Please make an exact transcription of the records, keeping the pictures out of it.
-- Records supplied follows --
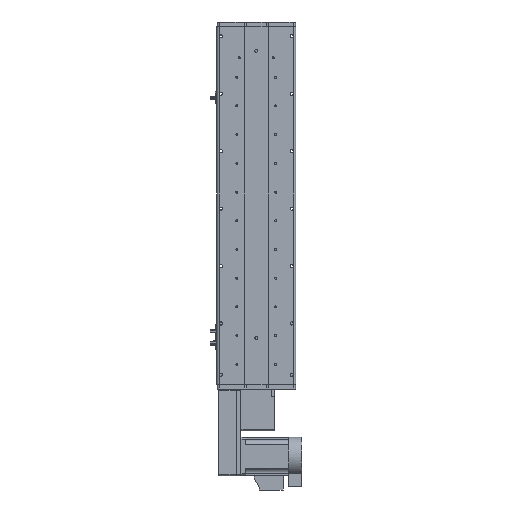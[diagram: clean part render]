
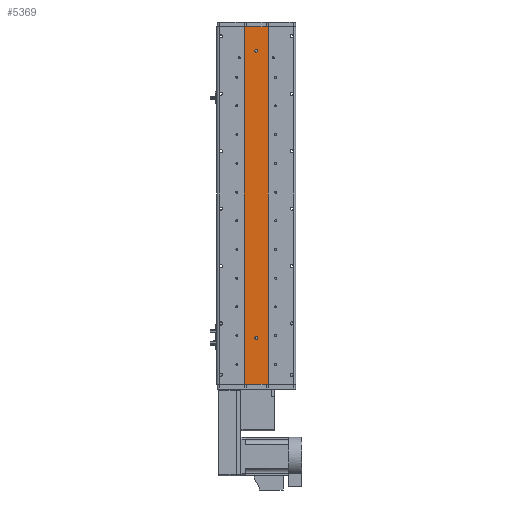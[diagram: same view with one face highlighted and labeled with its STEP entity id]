
A CAD part, front view. The second image highlights one B-rep face of the part: STEP entity #5369.
In plain terms, the highlighted planar face has unit normal (0, -1, 0).
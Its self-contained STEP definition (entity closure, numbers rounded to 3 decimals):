
#106 = CARTESIAN_POINT ( 'NONE',  ( -25., 1., 373.5 ) ) ;
#1638 = VERTEX_POINT ( 'NONE', #26135 ) ;
#2826 = CIRCLE ( 'NONE', #27740, 3. ) ;
#4123 = DIRECTION ( 'NONE',  ( 0., 0., -1. ) ) ;
#5000 = CARTESIAN_POINT ( 'NONE',  ( -25., 1., 373.5 ) ) ;
#5170 = ORIENTED_EDGE ( 'NONE', *, *, #7446, .F. ) ;
#5369 = ADVANCED_FACE ( 'NONE', ( #12192, #47675, #10666 ), #6573, .F. ) ;
#6124 = AXIS2_PLACEMENT_3D ( 'NONE', #54999, #35691, #6781 ) ;
#6573 = PLANE ( 'NONE',  #6124 ) ;
#6781 = DIRECTION ( 'NONE',  ( 0., 0., 1. ) ) ;
#6807 = CARTESIAN_POINT ( 'NONE',  ( 0., 1., 323.5 ) ) ;
#7446 = EDGE_CURVE ( 'NONE', #10742, #53774, #2826, .T. ) ;
#7598 = CARTESIAN_POINT ( 'NONE',  ( 25., 1., -373.5 ) ) ;
#8768 = EDGE_CURVE ( 'NONE', #43010, #22588, #43738, .T. ) ;
#10398 = CARTESIAN_POINT ( 'NONE',  ( 0., 1., 320.5 ) ) ;
#10666 = FACE_OUTER_BOUND ( 'NONE', #26561, .T. ) ;
#10742 = VERTEX_POINT ( 'NONE', #27238 ) ;
#11276 = VECTOR ( 'NONE', #4123, 1000. ) ;
#11675 = DIRECTION ( 'NONE',  ( 0., 0., -1. ) ) ;
#12058 = CARTESIAN_POINT ( 'NONE',  ( 0., 1., 323.5 ) ) ;
#12143 = ORIENTED_EDGE ( 'NONE', *, *, #8768, .F. ) ;
#12192 = FACE_BOUND ( 'NONE', #44761, .T. ) ;
#12570 = CARTESIAN_POINT ( 'NONE',  ( 25., 1., 373.5 ) ) ;
#15937 = DIRECTION ( 'NONE',  ( 0., -1., 0. ) ) ;
#16953 = DIRECTION ( 'NONE',  ( 0., 0., -1. ) ) ;
#18057 = ORIENTED_EDGE ( 'NONE', *, *, #48043, .F. ) ;
#19313 = CIRCLE ( 'NONE', #36369, 3. ) ;
#19614 = LINE ( 'NONE', #37905, #11276 ) ;
#20172 = DIRECTION ( 'NONE',  ( 1., 0., 0. ) ) ;
#21142 = ORIENTED_EDGE ( 'NONE', *, *, #21545, .T. ) ;
#21297 = VECTOR ( 'NONE', #33962, 1000. ) ;
#21367 = EDGE_LOOP ( 'NONE', ( #5170, #61710 ) ) ;
#21545 = EDGE_CURVE ( 'NONE', #43010, #46953, #35555, .T. ) ;
#22588 = VERTEX_POINT ( 'NONE', #38267 ) ;
#26135 = CARTESIAN_POINT ( 'NONE',  ( 0., 1., 326.5 ) ) ;
#26388 = EDGE_CURVE ( 'NONE', #38456, #1638, #19313, .T. ) ;
#26561 = EDGE_LOOP ( 'NONE', ( #31624, #18057, #12143, #21142 ) ) ;
#26571 = DIRECTION ( 'NONE',  ( 0., -1., 0. ) ) ;
#27238 = CARTESIAN_POINT ( 'NONE',  ( 0., 1., -279.5 ) ) ;
#27740 = AXIS2_PLACEMENT_3D ( 'NONE', #44818, #15937, #49682 ) ;
#28664 = EDGE_CURVE ( 'NONE', #1638, #38456, #46238, .T. ) ;
#30597 = VERTEX_POINT ( 'NONE', #7598 ) ;
#31624 = ORIENTED_EDGE ( 'NONE', *, *, #47010, .T. ) ;
#33173 = ORIENTED_EDGE ( 'NONE', *, *, #28664, .F. ) ;
#33962 = DIRECTION ( 'NONE',  ( 0., 0., -1. ) ) ;
#35555 = LINE ( 'NONE', #5000, #21297 ) ;
#35691 = DIRECTION ( 'NONE',  ( 0., 1., 0. ) ) ;
#36369 = AXIS2_PLACEMENT_3D ( 'NONE', #6807, #40614, #11675 ) ;
#37905 = CARTESIAN_POINT ( 'NONE',  ( 25., 1., 373.5 ) ) ;
#38267 = CARTESIAN_POINT ( 'NONE',  ( 25., 1., 373.5 ) ) ;
#38456 = VERTEX_POINT ( 'NONE', #10398 ) ;
#39117 = CARTESIAN_POINT ( 'NONE',  ( -25., 1., -373.5 ) ) ;
#40614 = DIRECTION ( 'NONE',  ( 0., -1., 0. ) ) ;
#40721 = VECTOR ( 'NONE', #46333, 1000. ) ;
#41612 = VECTOR ( 'NONE', #20172, 1000. ) ;
#42264 = CARTESIAN_POINT ( 'NONE',  ( 0., 1., -273.5 ) ) ;
#43010 = VERTEX_POINT ( 'NONE', #106 ) ;
#43738 = LINE ( 'NONE', #12570, #40721 ) ;
#43911 = CIRCLE ( 'NONE', #60903, 3. ) ;
#44197 = CARTESIAN_POINT ( 'NONE',  ( 25., 1., -373.5 ) ) ;
#44664 = LINE ( 'NONE', #44197, #41612 ) ;
#44761 = EDGE_LOOP ( 'NONE', ( #58091, #33173 ) ) ;
#44818 = CARTESIAN_POINT ( 'NONE',  ( 0., 1., -276.5 ) ) ;
#45833 = DIRECTION ( 'NONE',  ( 0., -1., 0. ) ) ;
#46238 = CIRCLE ( 'NONE', #48242, 3. ) ;
#46333 = DIRECTION ( 'NONE',  ( 1., 0., 0. ) ) ;
#46953 = VERTEX_POINT ( 'NONE', #39117 ) ;
#47010 = EDGE_CURVE ( 'NONE', #46953, #30597, #44664, .T. ) ;
#47675 = FACE_BOUND ( 'NONE', #21367, .T. ) ;
#48043 = EDGE_CURVE ( 'NONE', #22588, #30597, #19614, .T. ) ;
#48242 = AXIS2_PLACEMENT_3D ( 'NONE', #12058, #45833, #16953 ) ;
#49682 = DIRECTION ( 'NONE',  ( 0., 0., -1. ) ) ;
#53147 = EDGE_CURVE ( 'NONE', #53774, #10742, #43911, .T. ) ;
#53774 = VERTEX_POINT ( 'NONE', #42264 ) ;
#54999 = CARTESIAN_POINT ( 'NONE',  ( 25., 1., 373.5 ) ) ;
#55502 = CARTESIAN_POINT ( 'NONE',  ( 0., 1., -276.5 ) ) ;
#58091 = ORIENTED_EDGE ( 'NONE', *, *, #26388, .F. ) ;
#60340 = DIRECTION ( 'NONE',  ( 0., 0., -1. ) ) ;
#60903 = AXIS2_PLACEMENT_3D ( 'NONE', #55502, #26571, #60340 ) ;
#61710 = ORIENTED_EDGE ( 'NONE', *, *, #53147, .F. ) ;
-- Records supplied concluded --
Task result:
[diagram: clean part render]
[diagram: same view with one face highlighted and labeled with its STEP entity id]
A CAD part, front view. The second image highlights one B-rep face of the part: STEP entity #5369.
In plain terms, the highlighted planar face has unit normal (0, -1, 0).
Its self-contained STEP definition (entity closure, numbers rounded to 3 decimals):
#106 = CARTESIAN_POINT ( 'NONE',  ( -25., 1., 373.5 ) ) ;
#1638 = VERTEX_POINT ( 'NONE', #26135 ) ;
#2826 = CIRCLE ( 'NONE', #27740, 3. ) ;
#4123 = DIRECTION ( 'NONE',  ( 0., 0., -1. ) ) ;
#5000 = CARTESIAN_POINT ( 'NONE',  ( -25., 1., 373.5 ) ) ;
#5170 = ORIENTED_EDGE ( 'NONE', *, *, #7446, .F. ) ;
#5369 = ADVANCED_FACE ( 'NONE', ( #12192, #47675, #10666 ), #6573, .F. ) ;
#6124 = AXIS2_PLACEMENT_3D ( 'NONE', #54999, #35691, #6781 ) ;
#6573 = PLANE ( 'NONE',  #6124 ) ;
#6781 = DIRECTION ( 'NONE',  ( 0., 0., 1. ) ) ;
#6807 = CARTESIAN_POINT ( 'NONE',  ( 0., 1., 323.5 ) ) ;
#7446 = EDGE_CURVE ( 'NONE', #10742, #53774, #2826, .T. ) ;
#7598 = CARTESIAN_POINT ( 'NONE',  ( 25., 1., -373.5 ) ) ;
#8768 = EDGE_CURVE ( 'NONE', #43010, #22588, #43738, .T. ) ;
#10398 = CARTESIAN_POINT ( 'NONE',  ( 0., 1., 320.5 ) ) ;
#10666 = FACE_OUTER_BOUND ( 'NONE', #26561, .T. ) ;
#10742 = VERTEX_POINT ( 'NONE', #27238 ) ;
#11276 = VECTOR ( 'NONE', #4123, 1000. ) ;
#11675 = DIRECTION ( 'NONE',  ( 0., 0., -1. ) ) ;
#12058 = CARTESIAN_POINT ( 'NONE',  ( 0., 1., 323.5 ) ) ;
#12143 = ORIENTED_EDGE ( 'NONE', *, *, #8768, .F. ) ;
#12192 = FACE_BOUND ( 'NONE', #44761, .T. ) ;
#12570 = CARTESIAN_POINT ( 'NONE',  ( 25., 1., 373.5 ) ) ;
#15937 = DIRECTION ( 'NONE',  ( 0., -1., 0. ) ) ;
#16953 = DIRECTION ( 'NONE',  ( 0., 0., -1. ) ) ;
#18057 = ORIENTED_EDGE ( 'NONE', *, *, #48043, .F. ) ;
#19313 = CIRCLE ( 'NONE', #36369, 3. ) ;
#19614 = LINE ( 'NONE', #37905, #11276 ) ;
#20172 = DIRECTION ( 'NONE',  ( 1., 0., 0. ) ) ;
#21142 = ORIENTED_EDGE ( 'NONE', *, *, #21545, .T. ) ;
#21297 = VECTOR ( 'NONE', #33962, 1000. ) ;
#21367 = EDGE_LOOP ( 'NONE', ( #5170, #61710 ) ) ;
#21545 = EDGE_CURVE ( 'NONE', #43010, #46953, #35555, .T. ) ;
#22588 = VERTEX_POINT ( 'NONE', #38267 ) ;
#26135 = CARTESIAN_POINT ( 'NONE',  ( 0., 1., 326.5 ) ) ;
#26388 = EDGE_CURVE ( 'NONE', #38456, #1638, #19313, .T. ) ;
#26561 = EDGE_LOOP ( 'NONE', ( #31624, #18057, #12143, #21142 ) ) ;
#26571 = DIRECTION ( 'NONE',  ( 0., -1., 0. ) ) ;
#27238 = CARTESIAN_POINT ( 'NONE',  ( 0., 1., -279.5 ) ) ;
#27740 = AXIS2_PLACEMENT_3D ( 'NONE', #44818, #15937, #49682 ) ;
#28664 = EDGE_CURVE ( 'NONE', #1638, #38456, #46238, .T. ) ;
#30597 = VERTEX_POINT ( 'NONE', #7598 ) ;
#31624 = ORIENTED_EDGE ( 'NONE', *, *, #47010, .T. ) ;
#33173 = ORIENTED_EDGE ( 'NONE', *, *, #28664, .F. ) ;
#33962 = DIRECTION ( 'NONE',  ( 0., 0., -1. ) ) ;
#35555 = LINE ( 'NONE', #5000, #21297 ) ;
#35691 = DIRECTION ( 'NONE',  ( 0., 1., 0. ) ) ;
#36369 = AXIS2_PLACEMENT_3D ( 'NONE', #6807, #40614, #11675 ) ;
#37905 = CARTESIAN_POINT ( 'NONE',  ( 25., 1., 373.5 ) ) ;
#38267 = CARTESIAN_POINT ( 'NONE',  ( 25., 1., 373.5 ) ) ;
#38456 = VERTEX_POINT ( 'NONE', #10398 ) ;
#39117 = CARTESIAN_POINT ( 'NONE',  ( -25., 1., -373.5 ) ) ;
#40614 = DIRECTION ( 'NONE',  ( 0., -1., 0. ) ) ;
#40721 = VECTOR ( 'NONE', #46333, 1000. ) ;
#41612 = VECTOR ( 'NONE', #20172, 1000. ) ;
#42264 = CARTESIAN_POINT ( 'NONE',  ( 0., 1., -273.5 ) ) ;
#43010 = VERTEX_POINT ( 'NONE', #106 ) ;
#43738 = LINE ( 'NONE', #12570, #40721 ) ;
#43911 = CIRCLE ( 'NONE', #60903, 3. ) ;
#44197 = CARTESIAN_POINT ( 'NONE',  ( 25., 1., -373.5 ) ) ;
#44664 = LINE ( 'NONE', #44197, #41612 ) ;
#44761 = EDGE_LOOP ( 'NONE', ( #58091, #33173 ) ) ;
#44818 = CARTESIAN_POINT ( 'NONE',  ( 0., 1., -276.5 ) ) ;
#45833 = DIRECTION ( 'NONE',  ( 0., -1., 0. ) ) ;
#46238 = CIRCLE ( 'NONE', #48242, 3. ) ;
#46333 = DIRECTION ( 'NONE',  ( 1., 0., 0. ) ) ;
#46953 = VERTEX_POINT ( 'NONE', #39117 ) ;
#47010 = EDGE_CURVE ( 'NONE', #46953, #30597, #44664, .T. ) ;
#47675 = FACE_BOUND ( 'NONE', #21367, .T. ) ;
#48043 = EDGE_CURVE ( 'NONE', #22588, #30597, #19614, .T. ) ;
#48242 = AXIS2_PLACEMENT_3D ( 'NONE', #12058, #45833, #16953 ) ;
#49682 = DIRECTION ( 'NONE',  ( 0., 0., -1. ) ) ;
#53147 = EDGE_CURVE ( 'NONE', #53774, #10742, #43911, .T. ) ;
#53774 = VERTEX_POINT ( 'NONE', #42264 ) ;
#54999 = CARTESIAN_POINT ( 'NONE',  ( 25., 1., 373.5 ) ) ;
#55502 = CARTESIAN_POINT ( 'NONE',  ( 0., 1., -276.5 ) ) ;
#58091 = ORIENTED_EDGE ( 'NONE', *, *, #26388, .F. ) ;
#60340 = DIRECTION ( 'NONE',  ( 0., 0., -1. ) ) ;
#60903 = AXIS2_PLACEMENT_3D ( 'NONE', #55502, #26571, #60340 ) ;
#61710 = ORIENTED_EDGE ( 'NONE', *, *, #53147, .F. ) ;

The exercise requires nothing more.